Commodity

A person may not engage in the following activities concerning medicines or scheduled substances without the appropriate licenses and permits:

1. Manufacture or Pack and Sell:
   - Cannot manufacture or pack and sell medicines or scheduled substances unless holding the relevant license and complying with specified conditions.

2. Import or Export:
   - Cannot import or export these substances without the necessary license and compliance with Council-determined conditions.

3. Scheduled Substances (Schedule 3 or 4):
   - Additional permits are required for manufacturing, packing, selling, importing, or exporting these substances, alongside the necessary licenses.

4. Sale Restrictions:
   - Manufacturers, importers, or wholesale dealers cannot sell medicines or substances to unauthorized persons. However, authorized prescribers and pharmacists may sell them for consumption, subject to other provisions.

If the Council believes it is not in the public's interest for a medicine or scheduled substance to be available, it can:

1. Issue a Notice:
   - Direct a person via written notice or through the Gazette to:
     - Return the medicine or substance in their possession to the manufacturer, supplier, or importer.
     - Deliver or send the medicine to another person designated by the Council.

2. Direct Manufacturers, Suppliers, or Importers:
   - Instruct them, via written notice, to manage any quantity of the specified medicine or substance, including those returned in response to previous directions.

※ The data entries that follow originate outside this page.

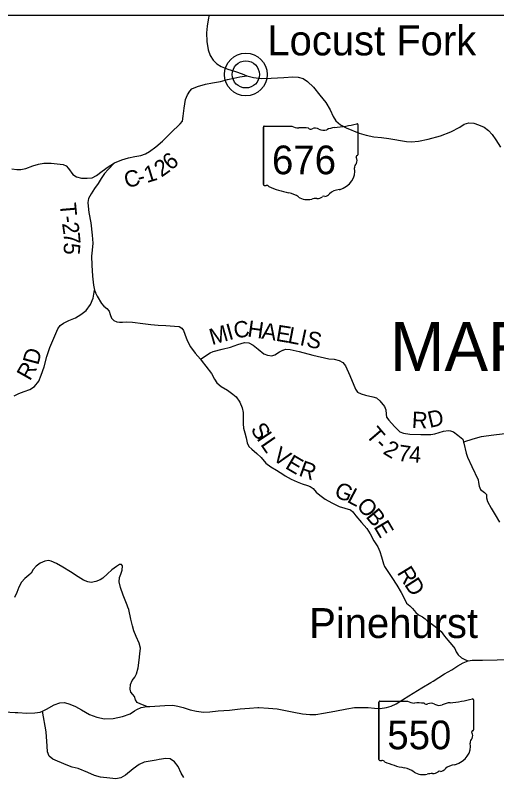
# Model space of a CAD drawing. Extents: x -84548 to 2262448, y -162180 to 525962.
# Drawn here: x 92440 to 101301, y 156669 to 170686 of the extents above; entities that cross this region are included whole.
import ezdxf

# ---------------------------------------------------------------- set-up
doc = ezdxf.new("R2010")
doc.units = 0
for name, color, linetype in [('GM_P_US_Location', 7, 'Continuous'), ('GM_X_Adjacent_County_Text', 7, 'Continuous'), ('GM_X_County', 7, 'Continuous'), ('GM_X_County_Road', 7, 'Continuous'), ('GM_X_Major_Lake_Text', 7, 'Continuous'), ('GM_X_Major_River', 7, 'Continuous'), ('GM_X_Minor_Lake', 7, 'Continuous'), ('GM_X_Minor_River_Text', 7, 'Continuous'), ('GM_X_Rail_Line', 7, 'Continuous'), ('GM_X_Township_Road', 7, 'Continuous'), ('GM_X_Township_Road_Text', 7, 'Continuous')]:
    doc.layers.add(name, color=color, linetype=linetype)

msp = doc.modelspace()

# ---------------------------------------------------------------- linework, layer by layer
at = {"layer": 'GM_X_County'}
msp.add_line((77085, 170686), (110973, 170686), dxfattribs=at)
at = {"layer": 'GM_X_Major_Lake_Text'}
for points in [[(96006, 170686), (95994, 170638), (95969, 170487), (95962, 170361), (95968, 170201), (95989, 170048), (96026, 169945), (96083, 169859), (96151, 169789), (96232, 169744), (96354, 169695), (96495, 169652), (96619, 169607), (96701, 169570), (96824, 169537), (96970, 169524), (97152, 169530), (97384, 169538), (97549, 169551), (97649, 169544), (97740, 169519), (97820, 169463), (97927, 169362), (98048, 169215), (98154, 169078), (98233, 168944), (98288, 168822), (98340, 168741), (98427, 168671), (98532, 168612), (98772, 168514), (98895, 168479), (99039, 168450), (99181, 168435), (99313, 168415), (99640, 168363), (99732, 168356), (99860, 168367), (100037, 168403), (100265, 168469), (100458, 168541), (100623, 168626), (100703, 168683), (100788, 168704), (100881, 168699), (100963, 168669), (101067, 168626), (101152, 168563), (101218, 168493), (101287, 168392), (101372, 168258)], [(100089, 158406), (100090, 158406), (100131, 158430), (100342, 158563), (100473, 158640), (100587, 158711), (100682, 158764), (100776, 158801), (100850, 158813), (100879, 158814)], [(100879, 158814), (100881, 158814), (101038, 158815), (101307, 158823), (101580, 158833), (101838, 158841), (102040, 158849), (102395, 158856), (102707, 158864), (102963, 158870), (103205, 158876), (103291, 158872), (103393, 158855), (103528, 158818), (103642, 158779), (103763, 158724), (103839, 158698), (103925, 158683), (104009, 158686), (104093, 158698), (104219, 158733), (104244, 158741)], [(96906, 157942), (96924, 157944), (97102, 157931), (97262, 157917), (97414, 157886), (97567, 157857), (97727, 157828), (97863, 157812), (97971, 157815), (98113, 157840), (98320, 157878), (98542, 157920), (98682, 157941), (98814, 157946), (98934, 157943), (99050, 157932), (99158, 157925), (99270, 157942), (99361, 157971), (99449, 158012), (99686, 158160), (99922, 158306), (100089, 158406)], [(92484, 157850), (92487, 157849), (92656, 157841), (92802, 157844), (92900, 157861), (92939, 157878), (93018, 157913), (93155, 157992), (93259, 158031), (93345, 158038), (93445, 158008), (93547, 157965), (93659, 157898), (93808, 157816), (93942, 157763), (94082, 157736), (94242, 157743), (94414, 157778), (94555, 157827), (94633, 157880), (94677, 157904), (94760, 157941), (94862, 157962), (94915, 157965)], [(94915, 157965), (94915, 157965), (95010, 157971), (95190, 157983), (95340, 157984), (95434, 157969), (95530, 157945), (95658, 157901), (95777, 157875), (95903, 157861), (96023, 157866), (96173, 157881), (96380, 157895), (96578, 157917), (96754, 157930), (96906, 157942)], [(92241, 157866), (92441, 157852), (92484, 157850)]]:
    msp.add_lwpolyline(points, dxfattribs=at)
at = {"layer": 'GM_X_Major_River'}
for radius in [393, 249]:
    msp.add_circle((96684, 169596), radius, dxfattribs=at)
at = {"layer": 'GM_X_Minor_Lake'}
for points in [[(92423, 163680), (92509, 163724), (92603, 163759), (92709, 163795), (92794, 163852), (92872, 163950), (92919, 164059), (92974, 164217), (93023, 164406), (93078, 164572), (93153, 164743), (93223, 164914), (93268, 164974), (93326, 165020), (93428, 165065), (93549, 165119), (93647, 165176), (93745, 165252), (93822, 165361), (93873, 165477), (93897, 165624)], [(97369, 164519), (97416, 164538), (97502, 164534), (97662, 164495), (97916, 164430), (98210, 164359), (98308, 164355), (98399, 164332), (98469, 164292), (98517, 164232), (98596, 164054), (98701, 163806), (98741, 163750), (98805, 163715), (98888, 163693), (99020, 163663), (99090, 163646), (99152, 163590), (99234, 163486), (99257, 163424), (99265, 163340), (99275, 163286), (99316, 163232), (99420, 163118), (99515, 163020), (99587, 162995), (99699, 162977), (99907, 162966), (100089, 162967), (100164, 162981), (100240, 163006), (100322, 163032), (100414, 163045), (100450, 163034), (100450, 163034)], [(95880, 164313), (95950, 164225), (96053, 164093), (96106, 163987), (96150, 163919), (96228, 163851), (96347, 163782), (96447, 163714), (96507, 163660), (96574, 163564), (96616, 163458), (96634, 163374), (96633, 163266), (96634, 163166), (96642, 163088), (96666, 163000), (96687, 162910), (96709, 162813), (96740, 162750), (96794, 162696), (96888, 162618), (96965, 162546), (97051, 162444), (97143, 162375), (97246, 162311), (97380, 162224), (97380, 162224)], [(100450, 163034), (100506, 163017), (100588, 162957), (100677, 162881), (100692, 162827), (100697, 162807), (100736, 162623), (100764, 162551), (100843, 162379), (100960, 162137), (100965, 162083), (100975, 162015), (101005, 161959), (101074, 161904), (101110, 161862), (101110, 161804), (101132, 161736), (101199, 161614), (101272, 161488), (101354, 161358)], [(97380, 162224), (97406, 162208), (97518, 162144), (97631, 162096), (97723, 162061), (97817, 162033), (97867, 162013), (97921, 161975), (97979, 161910), (98046, 161850), (98144, 161778), (98266, 161711), (98402, 161645), (98507, 161612), (98609, 161580), (98651, 161546), (98707, 161470), (98814, 161352), (98912, 161241), (98973, 161143), (99041, 161009), (99110, 160901), (99152, 160815), (99183, 160715), (99216, 160591), (99238, 160541), (99284, 160465), (99373, 160339), (99461, 160193), (99542, 160058), (99615, 159920), (99639, 159864), (99703, 159814), (99752, 159768), (99814, 159694), (99862, 159648), (99932, 159611), (99986, 159575), (100029, 159531), (100097, 159487), (100195, 159417), (100276, 159340), (100338, 159254), (100398, 159182), (100475, 159098), (100529, 159032), (100553, 158968), (100594, 158912), (100650, 158858), (100728, 158823)], [(94515, 159793), (94515, 159793), (94502, 159826), (94427, 160010), (94379, 160150), (94352, 160256), (94356, 160337), (94385, 160401), (94409, 160471), (94415, 160551), (94394, 160575), (94360, 160573), (94305, 160541), (94215, 160476), (94135, 160402), (94054, 160323), (94000, 160291), (93924, 160261), (93840, 160244), (93774, 160254), (93696, 160288), (93596, 160349), (93456, 160443), (93317, 160528), (93201, 160596), (93103, 160640), (93051, 160651), (92985, 160639), (92897, 160599), (92827, 160546), (92768, 160484), (92734, 160417), (92692, 160379), (92619, 160319), (92555, 160248), (92508, 160160), (92468, 160058), (92425, 159969)], [(94862, 157962), (94754, 158006), (94684, 158038), (94655, 158086), (94633, 158146), (94605, 158182), (94567, 158226), (94552, 158282), (94560, 158366), (94590, 158438), (94641, 158505), (94669, 158563), (94700, 158675), (94721, 158818), (94735, 158930), (94744, 159034), (94718, 159126), (94667, 159252), (94621, 159356), (94600, 159444), (94570, 159572), (94533, 159746), (94515, 159793)], [(100728, 158823), (100776, 158801)], [(95089, 156984), (95035, 156976), (94815, 156937), (94718, 156896), (94610, 156814), (94471, 156699), (94381, 156648), (94293, 156632), (94179, 156641), (94007, 156661), (93901, 156692), (93775, 156746), (93595, 156821), (93487, 156847), (93376, 156890), (93132, 156991), (93064, 157051), (93035, 157125), (93027, 157233), (93011, 157494), (92939, 157878)], [(95540, 156654), (95496, 156736), (95437, 156859), (95369, 156945), (95289, 156999), (95209, 157003), (95090, 156984), (95089, 156984)]]:
    msp.add_lwpolyline(points, dxfattribs=at)
at = {"layer": 'GM_X_Minor_River_Text'}
msp.add_lwpolyline([(92378, 167859), (92468, 167845), (92544, 167846), (92632, 167866), (92764, 167915), (92867, 167945), (92969, 167964), (93101, 167964), (93323, 167937), (93379, 167912), (93417, 167864), (93500, 167756), (93566, 167710), (93660, 167684), (93762, 167687), (93854, 167695), (93938, 167736), (94041, 167814), (94147, 167895), (94264, 167966), (94400, 168026), (94524, 168063), (94642, 168084), (94753, 168104), (94837, 168132), (94911, 168175), (95026, 168264), (95148, 168370), (95305, 168523), (95472, 168686), (95516, 168739), (95531, 168827), (95547, 168973), (95572, 169136), (95607, 169220), (95651, 169286), (95691, 169334), (95792, 169371), (95940, 169414), (96072, 169440), (96220, 169469), (96346, 169502), (96463, 169530), (96571, 169553), (96701, 169570)], dxfattribs=at)
at = {"layer": 'GM_X_Rail_Line'}
for p, q in [((97006, 168627), (97006, 167571)), ((97006, 167571), (97006, 168627)), ((97006, 167571), (97006, 168627)), ((97023, 168645), (97533, 168645)), ((98746, 168672), (98746, 168119)), ((98746, 168119), (98746, 168119)), ((99134, 158042), (99134, 156986)), ((99134, 156986), (99134, 158042)), ((99134, 156986), (99134, 158042)), ((99151, 158061), (99660, 158061)), ((100874, 158087), (100874, 157534)), ((100874, 157534), (100874, 157534))]:
    msp.add_line(p, q, dxfattribs=at)
for centre, major_axis, start_param, end_param in [((97026, 168629), (20.2, 0), 1.712693, 3.28349), ((97654, 168768), (196, 0), 4.042523, 4.731795), ((98126, 170086), (1845, 0), 4.814394, 5.042369), ((98727, 168674), (19.4, 0), 6.141152, 7.989035), ((97719, 168052), (702, 0), 1.404758, 1.657858), ((97878, 168635), (56.4, 0), 3.836095, 5.185415), ((97961, 168513), (117, 0), 0.950623, 2.079405), ((98112, 168680), (141, 0), 4.081561, 5.145723), ((98362, 168323), (371, 0), 1.699011, 2.107814), ((98742, 168078), (30, 0), 1.883978, 3.671073), ((98551, 168008), (180, 0), 5.934695, 6.695948), ((98725, 168117), (20.7, 0), 5.05454, 6.418171), ((98815, 167888), (131, 0), 2.387724, 3.262537), ((98230, 167817), (462, 0), 5.101752, 6.440018), ((97026, 167568), (20.3, 0), 3.00124, 4.508301), ((97029, 167676), (155, 0), 4.665946, 4.897461), ((97061, 167510), (56, 0), 0.519207, 1.627899), ((97767, 168459), (1333, 0), 4.195997, 4.488961), ((97370, 167096), (417, 0), 0.823519, 1.323587), ((98104, 167468), (149, 0), 4.937069, 5.64225), ((98424, 167274), (253, 0), 1.647645, 2.488434), ((97821, 167504), (265, 0), 4.026481, 4.996735), ((97974, 167139), (217, 0), 1.495662, 1.94098), ((97993, 167425), (141, 0), 4.691044, 5.507374), ((98121, 167323), (39.7, 0), 1.147584, 2.315152), ((99154, 158045), (20.2, 0), 1.712693, 3.28349), ((99782, 158183), (196, 0), 4.042523, 4.731795), ((99847, 157467), (702, 0), 1.404758, 1.657858), ((100006, 158050), (56.4, 0), 3.836095, 5.185415), ((100089, 157928), (117, 0), 0.950623, 2.079405), ((100240, 158096), (141, 0), 4.081561, 5.145723), ((100489, 157738), (371, 0), 1.699011, 2.107814), ((100254, 159501), (1845, 0), 4.814394, 5.042369), ((100855, 158089), (19.4, 0), 6.141152, 7.989035), ((100869, 157494), (30, 0), 1.883978, 3.671073), ((100679, 157424), (180, 0), 5.934695, 6.695948), ((100853, 157532), (20.7, 0), 5.05454, 6.418171), ((100357, 157232), (462, 0), 5.101752, 6.440018), ((100943, 157303), (131, 0), 2.387724, 3.262537), ((99154, 156984), (20.3, 0), 3.00124, 4.508301), ((99157, 157092), (155, 0), 4.665946, 4.897461), ((99189, 156925), (56, 0), 0.519207, 1.627899), ((99895, 157874), (1333, 0), 4.195997, 4.488961), ((100552, 156689), (253, 0), 1.647645, 2.488434), ((99498, 156511), (417, 0), 0.823519, 1.323587), ((99949, 156920), (265, 0), 4.026481, 4.996735), ((100102, 156554), (217, 0), 1.495662, 1.94098), ((100121, 156841), (141, 0), 4.691044, 5.507374), ((100249, 156738), (39.7, 0), 1.147584, 2.315152), ((100232, 156883), (149, 0), 4.937069, 5.64225)]:
    msp.add_ellipse(centre, major_axis=major_axis, ratio=0.8, start_param=start_param, end_param=end_param, dxfattribs=at)
at = {"layer": 'GM_X_Township_Road_Text'}
for points in [[(94264, 167966), (94153, 167847), (94083, 167774), (94022, 167682), (93969, 167586), (93901, 167499), (93836, 167401), (93790, 167312), (93776, 167240), (93779, 167172), (93797, 167054), (93828, 166862), (93855, 166637), (93866, 166489), (93855, 166363), (93841, 166253), (93850, 166088), (93861, 165882), (93880, 165716), (93897, 165624), (93917, 165580), (93918, 165578)], [(93918, 165578), (93949, 165512), (94026, 165382), (94072, 165332), (94124, 165288), (94166, 165236), (94187, 165178), (94213, 165110), (94253, 165068), (94311, 165045), (94357, 165039), (94411, 165039), (94479, 165043), (94595, 165036), (94791, 165011), (94937, 164993), (95071, 164982), (95213, 164975), (95373, 164965), (95457, 164954), (95505, 164926), (95535, 164884), (95558, 164814), (95602, 164698), (95663, 164584), (95749, 164464), (95848, 164354), (95880, 164314), (95880, 164313)], [(95848, 164354), (96027, 164471), (96085, 164498), (96251, 164540), (96404, 164577), (96534, 164624), (96658, 164664), (96738, 164657), (96818, 164613), (96912, 164537), (97013, 164452), (97085, 164426), (97165, 164416), (97217, 164437), (97304, 164493), (97367, 164518), (97369, 164519)], [(101840, 163010), (101783, 163020), (101659, 163012), (101503, 162989), (101246, 162958), (101013, 162927), (100860, 162881), (100692, 162827)]]:
    msp.add_lwpolyline(points, dxfattribs=at)

# ---------------------------------------------------------------- texts
at = {"layer": 'GM_P_US_Location'}
msp.add_text('MARIETTA', height=900, rotation=0, dxfattribs=at).set_placement((99337, 164138))
at = {"layer": 'GM_X_Adjacent_County_Text'}
for s, p in [('Locust Fork', (97080, 169947)), ('Pinehurst', (97850, 159223))]:
    msp.add_text(s, height=550, rotation=0, dxfattribs=at).set_placement(p)
at = {"layer": 'GM_X_County_Road'}
for s, rotation, p in [('6', 39.5945, (95301, 167817)), ('2', 35.2275, (95130, 167695)), ('C', 13.7674, (94483, 167501)), ('1', 17.018, (94860, 167595)), ('-', 14.1041, (94724, 167561))]:
    msp.add_text(s, height=300, rotation=rotation, dxfattribs=at).set_placement(p)
at = {"layer": 'GM_X_Rail_Line'}
for s, p in [('676', (97165, 167759)), ('550', (99287, 157175))]:
    msp.add_text(s, height=528, dxfattribs=at).set_placement(p)
at = {"layer": 'GM_X_Township_Road'}
for s, rotation, p in [('T', 275.1496, (93258, 167222)), ('-', 278.586, (93281, 166979)), ('2', 278.4087, (93299, 166857)), ('7', 275.279, (93326, 166679)), ('5', 265.1179, (93343, 166509)), ('M', 16.1198, (96061, 164611)), ('I', 15.8939, (96374, 164701)), ('C', 9.6445, (96484, 164733)), ('H', 351.6929, (96702, 164774)), ('A', 351.1365, (96963, 164736)), ('E', 350.6955, (97223, 164695)), ('L', 349.07, (97442, 164659)), ('I', 347.8458, (97661, 164617)), ('S', 347.5117, (97781, 164591)), ('D', 75.0587, (92862, 164233)), ('R', 60.5485, (92710, 163943)), ('R', 357.0481, (99733, 163093)), ('D', 13.0852, (100068, 163088)), ('S', 303.4331, (96760, 163064)), ('I', 303.4542, (96872, 162895)), ('T', 310.3661, (98878, 162953)), ('L', 304.465, (96943, 162787)), ('V', 325.6014, (97155, 162517)), ('-', 314.4953, (99040, 162764)), ('2', 329.1339, (99191, 162625)), ('7', 351.9207, (99472, 162487)), ('4', 356.4574, (99681, 162459)), ('E', 329.4073, (97391, 162356)), ('R', 340.2827, (97641, 162216)), ('G', 337.9733, (98292, 161831)), ('L', 332.1622, (98529, 161735)), ('O', 311.9385, (98705, 161647)), ('B', 309.2084, (98879, 161454)), ('E', 300.5566, (99028, 161273)), ('R', 301.5712, (99458, 160426)), ('D', 302.9187, (99591, 160209))]:
    msp.add_text(s, height=300, rotation=rotation, dxfattribs=at).set_placement(p)

doc.saveas('drawing.dxf')

Every holder of a permit or license for the manufacturing, packing, selling, importing, or exporting of Schedule 3 or Schedule 4 substances is required to maintain a detailed record for each substance. This record must include information about every import, export, manufacture, packing, and sale of these substances. Specifically, for imports and exports, the record must include the permit or license number associated with the relevant import or export activities.

Any person wishing to apply for import permits for specific Schedule 3 or Schedule 4 substances must submit their application to the Permanent Secretary using the specified form. The Permanent Secretary may deny the permit if they believe the applicant cannot adequately store the substances, if the annual import quota has been met or exceeded, or if a suitable quality of the substance is already available in Namibia. Permits for importing these substances can only be granted after consulting with the Council and must adhere to specific conditions outlined in the regulations, ensuring that no deviations occur from the permit details during importation.

A person who intends to apply for a permit referred to in section 29(15)(b) of the Act for the exportation of a specified Schedule 3 substance; or section 29(23)(b) of the Act for the exportation of a Schedule 4 substance.

Every individual or entity that imports, exports, produces, or manufactures medicines containing Schedule 4 or specified Schedule 3 substances must submit an annual return to the Registrar by February 28. This return must include: (a) the quantity of the substance held in stock as of December 31 of the previous year; (b) the quantity acquired during the previous year through importation, production, or manufacture of raw materials or preparations; and (c) the quantity disposed of during that year.

The provision allows existing contracts related to the advertising of tobacco products and the organization, sponsorship, or promotion of activities by tobacco companies in Namibia to remain valid for up to six months after the enforcement of the Act. This applies to any agreements that were binding as of the Act's effective date. However, there are conditions outlined in subregulation (2) that may affect this continuation.

To combat illicit trade in tobacco products, the regulation stipulates that no person may sell or import tobacco products unless the packaging includes specific information. This information must state "Sales only allowed in Namibia" and "Manufactured in 'name of country'," displayed in Helvetica upper-case letters in black on a white background, covering at least 60% of either side panel of the package. The products must also comply with additional regulations. For tobacco products in transit through Namibia, the packaging must include details about the shipment route, destination, final selling point, point of departure, consignee, and a batch or serial number. Additionally, a consignment note or similar document containing this information must accompany the products.